Task description = Your answer should consist of the lines in the data below that contain "building".

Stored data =
*** Block opens ***
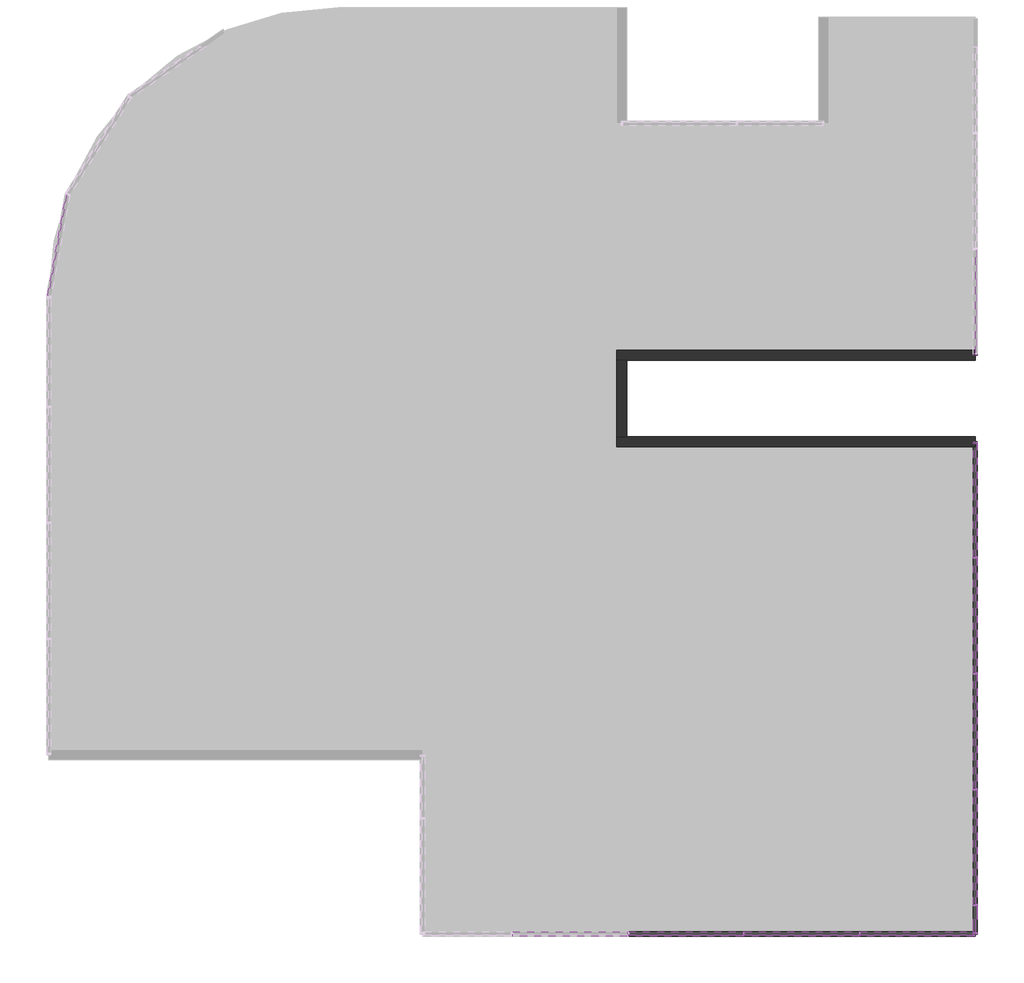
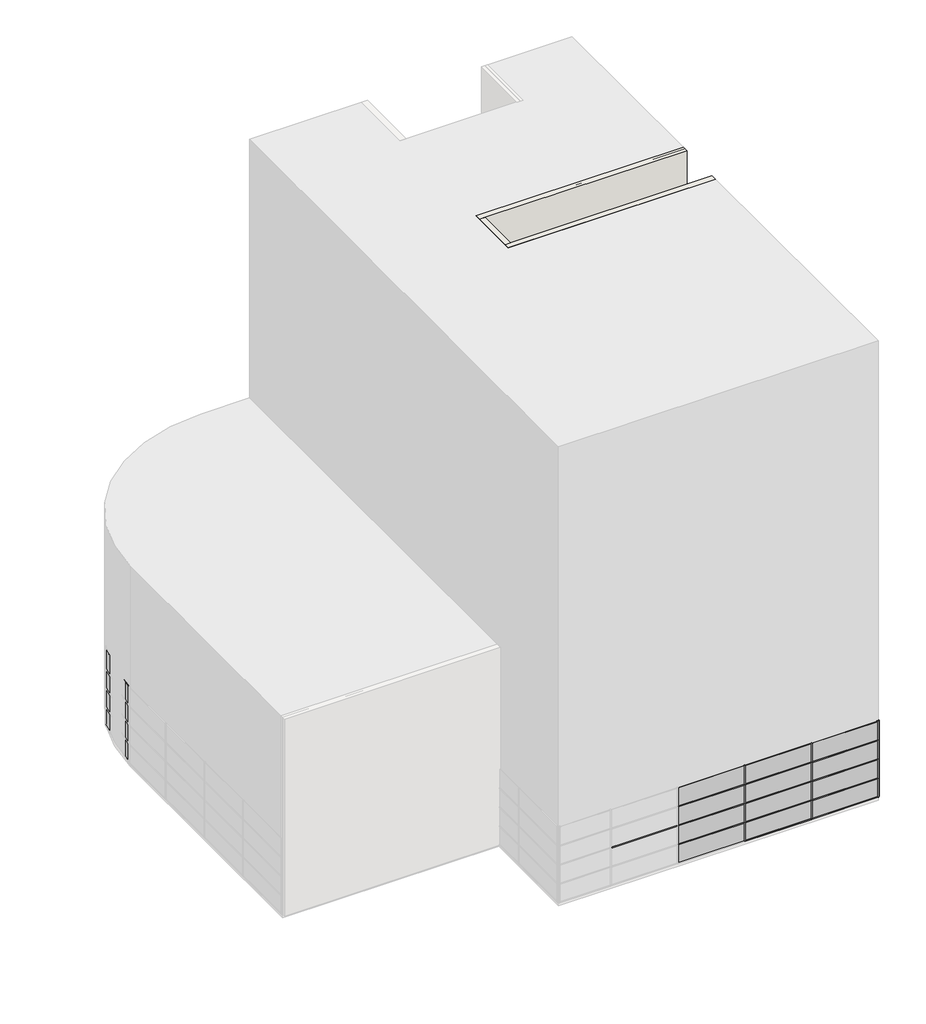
# One storey, part 2 of 5: 73 members, 40 plates, 3 walls.
"""IFC4 building model written with IfcOpenShell, lengths in millimetres."""

from ifc_helpers import new_model, si_unit, origin, origin_with_axes, place, context, project, spatial, polyline, outline, extrude, faceted_brep, transform, mapped, element, save
from components import rectangular_mullion_50_x_150mm_d99dc9be, rectangular_mullion_50_x_150mm_182bfbd5, rectangular_mullion_50_x_150mm_402ab136, rectangular_mullion_50_x_150mm_6588f46c, rectangular_mullion_50_x_150mm_a037c29c, rectangular_mullion_50_x_150mm_c2546fd4, rectangular_mullion_50_x_150mm_55b3505a, rectangular_mullion_50_x_150mm_116cff39, rectangular_mullion_50_x_150mm_a91aaa2b, system_panel_glazed_ecbc047f, system_panel_glazed_0d1816dc, system_panel_glazed_459c9171, system_panel_glazed_8e9402eb, system_panel_glazed_89ac83a7, system_panel_glazed_5566c609, system_panel_glazed_88115445, system_panel_glazed_8c18451d, system_panel_glazed_01970cee, system_panel_glazed_01c601c5

model = new_model("IFC4")

# Units and contexts
model_context = context("Model", 3, world=origin())
ifc_project = project(units=[si_unit("LENGTHUNIT", "METRE", prefix="MILLI")], contexts=[model_context])

# Site, building, storey
site = spatial("IfcSite", under=ifc_project)
building = spatial("IfcBuilding", under=site)
storey = spatial("IfcBuildingStorey", under=building, Name="Suteren", Elevation=0.0)

# Members
placement = place(None, origin())
rectangular_mullion_50_x_150mm_shape = rectangular_mullion_50_x_150mm_d99dc9be(model_context)
element("IfcMember", 1, ObjectType="Rectangular Mullion : 50 x 150mm", at=placement, inside=storey, context=model_context, shape_type="MappedRepresentation", body=[
    mapped(rectangular_mullion_50_x_150mm_shape, transform((13503.2660975, -10624.0160434, 2400.0), x_axis=(0.0, -1.0, 0.0), y_axis=(1.0, 0.0, 0.0), z_axis=(0.0, 0.0, 1.0))),
])
element("IfcMember", 2, ObjectType="Rectangular Mullion : 50 x 150mm", at=placement, inside=storey, context=model_context, shape_type="MappedRepresentation", body=[
    mapped(rectangular_mullion_50_x_150mm_shape, transform((13503.2660975, -10624.0160434, 3600.0), x_axis=(0.0, -1.0, 0.0), y_axis=(1.0, 0.0, 0.0), z_axis=(0.0, 0.0, 1.0))),
])
element("IfcMember", 3, ObjectType="Rectangular Mullion : 50 x 150mm", at=placement, inside=storey, context=model_context, shape_type="MappedRepresentation", body=[
    mapped(rectangular_mullion_50_x_150mm_shape, transform((13503.2660975, -10624.0160434, 4800.0), x_axis=(0.0, -1.0, 0.0), y_axis=(1.0, 0.0, 0.0), z_axis=(0.0, 0.0, 1.0))),
])
element("IfcMember", 4, ObjectType="Rectangular Mullion : 50 x 150mm", at=placement, inside=storey, context=model_context, shape_type="MappedRepresentation", body=[
    mapped(rectangular_mullion_50_x_150mm_shape, transform((13503.2660975, -14624.0160434, 2400.0), x_axis=(0.0, -1.0, 0.0), y_axis=(1.0, 0.0, 0.0), z_axis=(0.0, 0.0, 1.0))),
])
element("IfcMember", 5, ObjectType="Rectangular Mullion : 50 x 150mm", at=placement, inside=storey, context=model_context, shape_type="MappedRepresentation", body=[
    mapped(rectangular_mullion_50_x_150mm_shape, transform((13503.2660975, -14624.0160434, 3600.0), x_axis=(0.0, -1.0, 0.0), y_axis=(1.0, 0.0, 0.0), z_axis=(0.0, 0.0, 1.0))),
])
element("IfcMember", 6, ObjectType="Rectangular Mullion : 50 x 150mm", at=placement, inside=storey, context=model_context, shape_type="MappedRepresentation", body=[
    mapped(rectangular_mullion_50_x_150mm_shape, transform((13503.2660975, -14624.0160434, 4800.0), x_axis=(0.0, -1.0, 0.0), y_axis=(1.0, 0.0, 0.0), z_axis=(0.0, 0.0, 1.0))),
])
element("IfcMember", 7, ObjectType="Rectangular Mullion : 50 x 150mm", at=placement, inside=storey, context=model_context, shape_type="MappedRepresentation", body=[
    mapped(rectangular_mullion_50_x_150mm_shape, transform((13503.2660975, -18624.0160434, 2400.0), x_axis=(0.0, -1.0, 0.0), y_axis=(1.0, 0.0, 0.0), z_axis=(0.0, 0.0, 1.0))),
])
element("IfcMember", 8, ObjectType="Rectangular Mullion : 50 x 150mm", at=placement, inside=storey, context=model_context, shape_type="MappedRepresentation", body=[
    mapped(rectangular_mullion_50_x_150mm_shape, transform((13503.2660975, -18624.0160434, 3600.0), x_axis=(0.0, -1.0, 0.0), y_axis=(1.0, 0.0, 0.0), z_axis=(0.0, 0.0, 1.0))),
])
element("IfcMember", 9, ObjectType="Rectangular Mullion : 50 x 150mm", at=placement, inside=storey, context=model_context, shape_type="MappedRepresentation", body=[
    mapped(rectangular_mullion_50_x_150mm_shape, transform((13503.2660975, -18624.0160434, 4800.0), x_axis=(0.0, -1.0, 0.0), y_axis=(1.0, 0.0, 0.0), z_axis=(0.0, 0.0, 1.0))),
])
element("IfcMember", 10, ObjectType="Rectangular Mullion : 50 x 150mm", at=placement, inside=storey, context=model_context, shape_type="MappedRepresentation", body=[
    mapped(rectangular_mullion_50_x_150mm_shape, transform((13503.2660975, -22624.0160434, 2400.0), x_axis=(0.0, -1.0, 0.0), y_axis=(1.0, 0.0, 0.0), z_axis=(0.0, 0.0, 1.0))),
])
element("IfcMember", 11, ObjectType="Rectangular Mullion : 50 x 150mm", at=placement, inside=storey, context=model_context, shape_type="MappedRepresentation", body=[
    mapped(rectangular_mullion_50_x_150mm_shape, transform((13503.2660975, -22624.0160434, 3600.0), x_axis=(0.0, -1.0, 0.0), y_axis=(1.0, 0.0, 0.0), z_axis=(0.0, 0.0, 1.0))),
])
element("IfcMember", 12, ObjectType="Rectangular Mullion : 50 x 150mm", at=placement, inside=storey, context=model_context, shape_type="MappedRepresentation", body=[
    mapped(rectangular_mullion_50_x_150mm_shape, transform((13503.2660975, -22624.0160434, 4800.0), x_axis=(0.0, -1.0, 0.0), y_axis=(1.0, 0.0, 0.0), z_axis=(0.0, 0.0, 1.0))),
])
element("IfcMember", 13, ObjectType="Rectangular Mullion : 50 x 150mm", at=placement, inside=storey, context=model_context, shape_type="MappedRepresentation", body=[
    mapped(rectangular_mullion_50_x_150mm_shape, transform((9503.2660975, -23624.0160434, 2400.0), x_axis=(-1.0, 0.0, 0.0), y_axis=(0.0, -1.0, 0.0), z_axis=(0.0, 0.0, 1.0))),
])
element("IfcMember", 14, ObjectType="Rectangular Mullion : 50 x 150mm", at=placement, inside=storey, context=model_context, shape_type="MappedRepresentation", body=[
    mapped(rectangular_mullion_50_x_150mm_shape, transform((9503.2660975, -23624.0160434, 3600.0), x_axis=(-1.0, 0.0, 0.0), y_axis=(0.0, -1.0, 0.0), z_axis=(0.0, 0.0, 1.0))),
])
element("IfcMember", 15, ObjectType="Rectangular Mullion : 50 x 150mm", at=placement, inside=storey, context=model_context, shape_type="MappedRepresentation", body=[
    mapped(rectangular_mullion_50_x_150mm_shape, transform((9503.2660975, -23624.0160434, 4800.0), x_axis=(-1.0, 0.0, 0.0), y_axis=(0.0, -1.0, 0.0), z_axis=(0.0, 0.0, 1.0))),
])
element("IfcMember", 16, ObjectType="Rectangular Mullion : 50 x 150mm", at=placement, inside=storey, context=model_context, shape_type="MappedRepresentation", body=[
    mapped(rectangular_mullion_50_x_150mm_shape, transform((5503.2660975, -23624.0160434, 2400.0), x_axis=(-1.0, 0.0, 0.0), y_axis=(0.0, -1.0, 0.0), z_axis=(0.0, 0.0, 1.0))),
])
element("IfcMember", 17, ObjectType="Rectangular Mullion : 50 x 150mm", at=placement, inside=storey, context=model_context, shape_type="MappedRepresentation", body=[
    mapped(rectangular_mullion_50_x_150mm_shape, transform((5503.2660975, -23624.0160434, 3600.0), x_axis=(-1.0, 0.0, 0.0), y_axis=(0.0, -1.0, 0.0), z_axis=(0.0, 0.0, 1.0))),
])
element("IfcMember", 18, ObjectType="Rectangular Mullion : 50 x 150mm", at=placement, inside=storey, context=model_context, shape_type="MappedRepresentation", body=[
    mapped(rectangular_mullion_50_x_150mm_shape, transform((5503.2660975, -23624.0160434, 4800.0), x_axis=(-1.0, 0.0, 0.0), y_axis=(0.0, -1.0, 0.0), z_axis=(0.0, 0.0, 1.0))),
])
element("IfcMember", 19, ObjectType="Rectangular Mullion : 50 x 150mm", at=placement, inside=storey, context=model_context, shape_type="MappedRepresentation", body=[
    mapped(rectangular_mullion_50_x_150mm_shape, transform((13503.2660975, -10624.0160434, 1200.0), x_axis=(0.0, -1.0, 0.0), y_axis=(1.0, 0.0, 0.0), z_axis=(0.0, 0.0, 1.0))),
])
element("IfcMember", 20, ObjectType="Rectangular Mullion : 50 x 150mm", at=placement, inside=storey, context=model_context, shape_type="MappedRepresentation", body=[
    mapped(rectangular_mullion_50_x_150mm_shape, transform((13503.2660975, -14624.0160434, 1200.0), x_axis=(0.0, -1.0, 0.0), y_axis=(1.0, 0.0, 0.0), z_axis=(0.0, 0.0, 1.0))),
])
element("IfcMember", 21, ObjectType="Rectangular Mullion : 50 x 150mm", at=placement, inside=storey, context=model_context, shape_type="MappedRepresentation", body=[
    mapped(rectangular_mullion_50_x_150mm_shape, transform((13503.2660975, -18624.0160434, 1200.0), x_axis=(0.0, -1.0, 0.0), y_axis=(1.0, 0.0, 0.0), z_axis=(0.0, 0.0, 1.0))),
])
element("IfcMember", 22, ObjectType="Rectangular Mullion : 50 x 150mm", at=placement, inside=storey, context=model_context, shape_type="MappedRepresentation", body=[
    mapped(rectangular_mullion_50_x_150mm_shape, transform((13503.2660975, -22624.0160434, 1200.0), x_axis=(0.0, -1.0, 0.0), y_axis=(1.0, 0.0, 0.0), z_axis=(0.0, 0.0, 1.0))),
*** Block closes ***
Your response =
"""IFC4 building model written with IfcOpenShell, lengths in millimetres."""
# Site, building, storey
building = spatial("IfcBuilding", under=site)
storey = spatial("IfcBuildingStorey", under=building, Name="Suteren", Elevation=0.0)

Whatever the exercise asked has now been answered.